Ivan: there is an upside and a down side to feeding bigger and letting the walk around. feed to gain ratio goes down as they get bigger, and letting them walk around "wastes" energy that could be put to growing. However, I had some pigs i kept in a smaller pen and their back fat was thick and they were flabby. One went to 4-h show and got kicked out of the auction because he was "too fat and would only hang at 50%" well, he weighed 299 and hung at 202 which is a 67% hang. even flabby pigs are not as fatty as they once were. 
Once I moved the other onto pasture he lost that fat in a week (there may have been some hazing from the other pigs that helped with that) and began to build firmer muscle. Ended up a 300 lb pig hanging at 206. same ratio but it was a nice looking carcass.
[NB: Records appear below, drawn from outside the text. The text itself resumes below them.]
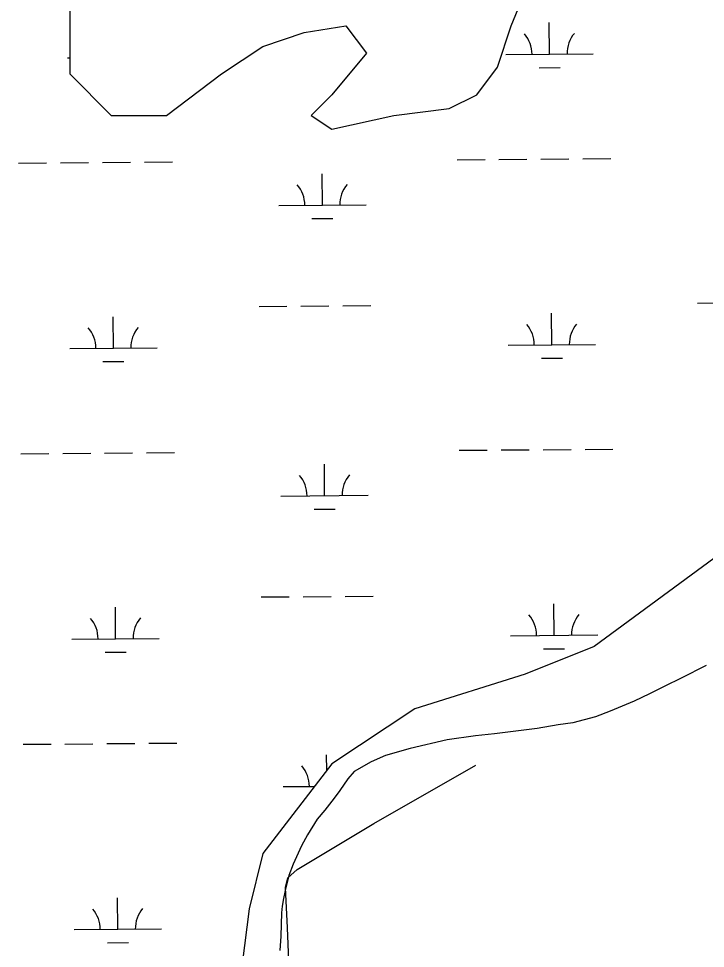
# Model space of a CAD drawing. Extents: x 3540316 to 3578335, y 553172 to 578787.
# Drawn here: x 3557339 to 3558126, y 573836 to 574901 of the extents above; entities that cross this region are included whole.
import ezdxf

# ---------------------------------------------------------------- set-up
doc = ezdxf.new("R2010")
doc.units = 0
for name, color, linetype in [('V-DTCH-CNTR', 7, 'Continuous'), ('V-SITE-VEGE', 7, 'Continuous'), ('V-WETL-SWMP', 7, 'Continuous')]:
    doc.layers.add(name, color=color, linetype=linetype)

msp = doc.modelspace()

# ---------------------------------------------------------------- linework, layer by layer
at = {"layer": 'V-DTCH-CNTR'}
msp.add_lwpolyline([(3557650, 573794.9), (3557647.3, 573859.9), (3557644.9, 573906), (3557647.7, 573917.3), (3557658.2, 573926.9), (3557746.1, 573979.5), (3557862.9, 574046.2)], dxfattribs=at)
at = {"layer": 'V-SITE-VEGE'}
for p, q in [((3558126.6, 574160.3), (3558097.9, 574145.7)), ((3558097.9, 574145.7), (3558079.4, 574136.7)), ((3558079.4, 574136.7), (3558061.6, 574127.7)), ((3558061.6, 574127.7), (3558044.2, 574119.3)), ((3558044.2, 574119.3), (3558016.5, 574108)), ((3557999.7, 574101.7), (3557974.1, 574094.8)), ((3558016.5, 574108), (3557999.7, 574101.7)), ((3557957.2, 574092.4), (3557933.2, 574088.2)), ((3557974.1, 574094.8), (3557957.2, 574092.4)), ((3557862.4, 574079.6), (3557830.2, 574075.3)), ((3557884.2, 574082.1), (3557862.4, 574079.6)), ((3557914.7, 574085.8), (3557884.2, 574082.1)), ((3557933.2, 574088.2), (3557914.7, 574085.8)), ((3557830.2, 574075.3), (3557787.8, 574065.4)), ((3557759.5, 574057.4), (3557743.2, 574050)), ((3557787.8, 574065.4), (3557759.5, 574057.4)), ((3557743.2, 574050), (3557723.7, 574038.8)), ((3557723.7, 574038.8), (3557716.2, 574030.5)), ((3557716.2, 574030.5), (3557707.1, 574017.3)), ((3557707.1, 574017.3), (3557700.7, 574008.5)), ((3557700.7, 574008.5), (3557689.9, 573994.7)), ((3557689.9, 573994.7), (3557681.3, 573984.2)), ((3557681.3, 573984.2), (3557670.1, 573966.5)), ((3557670.1, 573966.5), (3557663.2, 573953.9)), ((3557663.2, 573953.9), (3557653.7, 573933)), ((3557653.7, 573933), (3557648.9, 573919.8)), ((3557648.9, 573919.8), (3557644.8, 573902.8)), ((3557644.8, 573902.8), (3557642.8, 573893.5)), ((3557642.8, 573893.5), (3557641.2, 573884.8)), ((3557640.3, 573877.1), (3557639.6, 573850.3)), ((3557641.2, 573884.8), (3557640.3, 573877.1)), ((3557639.6, 573850.3), (3557638.7, 573834))]:
    msp.add_line(p, q, dxfattribs=at)
at = {"layer": 'V-WETL-SWMP'}
for p, q in [((3557398, 574940), (3557398, 574892.7)), ((3557903.5, 574892.7), (3557919.3, 574932.1)), ((3557398, 574892.7), (3557398, 574837.4)), ((3557666.5, 574884.8), (3557713.9, 574892.7)), ((3557713.9, 574892.7), (3557737.6, 574861.1)), ((3557887.7, 574845.3), (3557903.5, 574892.7)), ((3557947.3, 574860.2), (3557947, 574896.2)), ((3557619.1, 574869), (3557666.5, 574884.8)), ((3557571.8, 574837.4), (3557619.1, 574869)), ((3557395.4, 574855.9), (3557398, 574855.9)), ((3557737.6, 574861.1), (3557698.1, 574813.7)), ((3557897.3, 574859.8), (3557997.3, 574860.5)), ((3557864, 574813.7), (3557887.7, 574845.3)), ((3557398, 574837.4), (3557445.4, 574790)), ((3557508.6, 574790), (3557571.8, 574837.4)), ((3557935.4, 574844.6), (3557959.4, 574844.8)), ((3557698.1, 574813.7), (3557674.4, 574790)), ((3557832.4, 574797.9), (3557864, 574813.7)), ((3557769.2, 574790), (3557832.4, 574797.9)), ((3557445.4, 574790), (3557508.6, 574790)), ((3557674.4, 574790), (3557698.1, 574774.2)), ((3557698.1, 574774.2), (3557769.2, 574790)), ((3557841.4, 574739.3), (3557873.4, 574739.5)), ((3557889.4, 574739.6), (3557921.4, 574739.9)), ((3557937.4, 574740), (3557969.4, 574740.3)), ((3557985.4, 574740.4), (3558017.4, 574740.6)), ((3557339.5, 574735.4), (3557371.5, 574735.6)), ((3557387.5, 574735.8), (3557419.5, 574736)), ((3557435.5, 574736.1), (3557467.5, 574736.4)), ((3557483.5, 574736.5), (3557515.5, 574736.8)), ((3557687.2, 574687.3), (3557686.9, 574723.3)), ((3557637.2, 574687), (3557737.2, 574687.7)), ((3557675.3, 574671.8), (3557699.3, 574672)), ((3557614.7, 574571.3), (3557646.7, 574571.6)), ((3557662.7, 574571.7), (3557694.7, 574572)), ((3557710.7, 574572.1), (3557742.7, 574572.3)), ((3558116.6, 574575.2), (3558148.6, 574575.5)), ((3557448, 574523.6), (3557447.7, 574559.6)), ((3557949.9, 574527.5), (3557949.6, 574563.5)), ((3557899.9, 574527.1), (3557999.9, 574527.9)), ((3557398, 574523.2), (3557498, 574524)), ((3557436.1, 574508.1), (3557460.1, 574508.3)), ((3557938, 574512), (3557962, 574512.2)), ((3557342, 574402.7), (3557374, 574403)), ((3557390, 574403.1), (3557422, 574403.4)), ((3557438, 574403.5), (3557470, 574403.7)), ((3557486, 574403.8), (3557518, 574404.1)), ((3557843.9, 574406.6), (3557875.9, 574406.9)), ((3557891.9, 574407), (3557923.9, 574407.2)), ((3557939.9, 574407.3), (3557971.9, 574407.6)), ((3557987.9, 574407.7), (3558019.9, 574408)), ((3557689.7, 574354.7), (3557689.5, 574390.7)), ((3557639.7, 574354.3), (3557739.7, 574355.1)), ((3557677.9, 574339.1), (3557701.9, 574339.3)), ((3558148.3, 574292.4), (3557998.2, 574181.9)), ((3557617.2, 574238.7), (3557649.2, 574238.9)), ((3557665.2, 574239), (3557697.2, 574239.3)), ((3557713.2, 574239.4), (3557745.2, 574239.7)), ((3557952.4, 574194.8), (3557952.1, 574230.8)), ((3557450.5, 574191), (3557450.3, 574227)), ((3557400.5, 574190.6), (3557500.5, 574191.3)), ((3557902.4, 574194.4), (3558002.4, 574195.2)), ((3557438.6, 574175.4), (3557462.6, 574175.6)), ((3557998.2, 574181.9), (3557919.3, 574150.3)), ((3557940.5, 574179.3), (3557964.5, 574179.5)), ((3557919.3, 574150.3), (3557792.9, 574110.8)), ((3557792.9, 574110.8), (3557698.1, 574047.6)), ((3557344.6, 574070.1), (3557376.6, 574070.3)), ((3557392.6, 574070.4), (3557424.6, 574070.7)), ((3557440.6, 574070.8), (3557472.6, 574071.1)), ((3557488.6, 574071.2), (3557520.6, 574071.4)), ((3557692.2, 574039.9), (3557692, 574058)), ((3557698.1, 574047.6), (3557619.1, 573944.9)), ((3557642.3, 574021.6), (3557678.3, 574021.9)), ((3557619.1, 573944.9), (3557603.4, 573881.8)), ((3557453.1, 573858.3), (3557452.8, 573894.3)), ((3557603.4, 573881.8), (3557595.5, 573818.6)), ((3557403.1, 573857.9), (3557503.1, 573858.7)), ((3557441.2, 573842.8), (3557465.2, 573843))]:
    msp.add_line(p, q, dxfattribs=at)
for centre, start, end in [((3557892, 574860.2), 359.6699, 41.2135), ((3558002.5, 574861.1), 139.6699, 181.2135), ((3557631.9, 574687.4), 359.6699, 41.2135), ((3557742.4, 574688.2), 139.6699, 181.2135), ((3557392.7, 574523.7), 359.6699, 41.2135), ((3557503.2, 574524.5), 139.6699, 181.2135), ((3557894.6, 574527.5), 359.6699, 41.2135), ((3558005.1, 574528.4), 139.6699, 181.2135), ((3557634.5, 574354.7), 359.6699, 41.2135), ((3557745, 574355.6), 139.6699, 181.2135), ((3557897.2, 574194.9), 359.6699, 41.2135), ((3558007.7, 574195.7), 139.6699, 181.2135), ((3557395.3, 574191), 359.6699, 41.2135), ((3557505.8, 574191.9), 139.6699, 181.2135), ((3557637.1, 574022.1), 359.6699, 41.2135), ((3557397.8, 573858.3), 359.6699, 41.2135), ((3557508.3, 573859.2), 139.6699, 181.2135)]:
    msp.add_arc(centre, 35.2, start, end, dxfattribs=at)

doc.saveas('drawing.dxf')

pluses and minuses to everything.


----------



## DeRock (Feb 22, 2011)

highlands said:


> Largest pig I've ever butchered was up around 1,400 lbs - delicious.


Hogzilla


----------



## gerold (Jul 18, 2011)

Butchered 675 lb.live weight hog today. Fresh liver tonight.  This is a pasture plus corn fed hog. This hog looks like the ones we butchered back when i was a kid. Fat +Fat.

Fresh liver the same day you butcher is great. Does't taste or have smell of store liver. 

This hog had tons of back fat and nice white fat on the inside. Been awhile since i have seen a pig with so much beautiful fat. Just like the old days on the farm.


----------



## rmrc (Aug 20, 2009)

The best pork we ever sent to freezer camp was a 600+lb. sow. The feed vs. meat ratio wasn't good but the pork was excellent.


----------